• Data supplied:
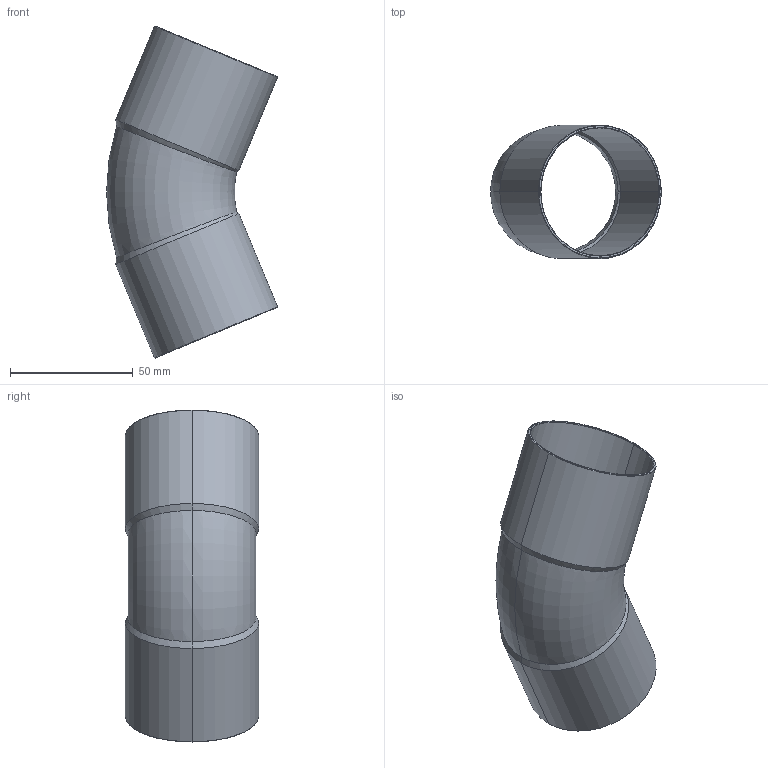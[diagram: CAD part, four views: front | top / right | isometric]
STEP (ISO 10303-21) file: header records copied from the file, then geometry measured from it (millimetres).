
FILE_DESCRIPTION((''),'2;1');
FILE_NAME('P:\Bouwmaten\z-maattekeningen 3D\5000\5040\1504152.stp','2005-10-12T15:37:16',('Kris'),(''),'Autodesk Inventor 8','Autodesk Inventor 8','');
FILE_SCHEMA(('AUTOMOTIVE_DESIGN { 1 0 10303 214 1 1 1 1 }'));
Length unit declared in the file: millimetre
Products named in the file (1): 1504152
Bounding box: 69.55 x 54.2 x 135.15 mm (x, y, z)
Volume: 22062.1 mm3; surface area: 40425.3 mm2
Topology: 1 solids, 1 shells, 30 faces, 60 edges, 32 vertices
Faces by surface type: cone 12, bspline 9, torus 4, cylinder 4, plane 1
Entity records: 1027 total; most frequent: CARTESIAN_POINT 414, DIRECTION 124, ORIENTED_EDGE 120, EDGE_CURVE 60, AXIS2_PLACEMENT_3D 50, VERTEX_POINT 32, EDGE_LOOP 32, FACE_OUTER_BOUND 30

• The problem: Which lines run from the one containing "STEP (ISO 10303-21)" to the end of the entries above? Quote exactly those, and only those.

• Output below:
STEP (ISO 10303-21) file: header records copied from the file, then geometry measured from it (millimetres).
FILE_DESCRIPTION((''),'2;1');
FILE_NAME('P:\Bouwmaten\z-maattekeningen 3D\5000\5040\1504152.stp','2005-10-12T15:37:16',('Kris'),(''),'Autodesk Inventor 8','Autodesk Inventor 8','');
FILE_SCHEMA(('AUTOMOTIVE_DESIGN { 1 0 10303 214 1 1 1 1 }'));
Length unit declared in the file: millimetre
Products named in the file (1): 1504152
Bounding box: 69.55 x 54.2 x 135.15 mm (x, y, z)
Volume: 22062.1 mm3; surface area: 40425.3 mm2
Topology: 1 solids, 1 shells, 30 faces, 60 edges, 32 vertices
Faces by surface type: cone 12, bspline 9, torus 4, cylinder 4, plane 1
Entity records: 1027 total; most frequent: CARTESIAN_POINT 414, DIRECTION 124, ORIENTED_EDGE 120, EDGE_CURVE 60, AXIS2_PLACEMENT_3D 50, VERTEX_POINT 32, EDGE_LOOP 32, FACE_OUTER_BOUND 30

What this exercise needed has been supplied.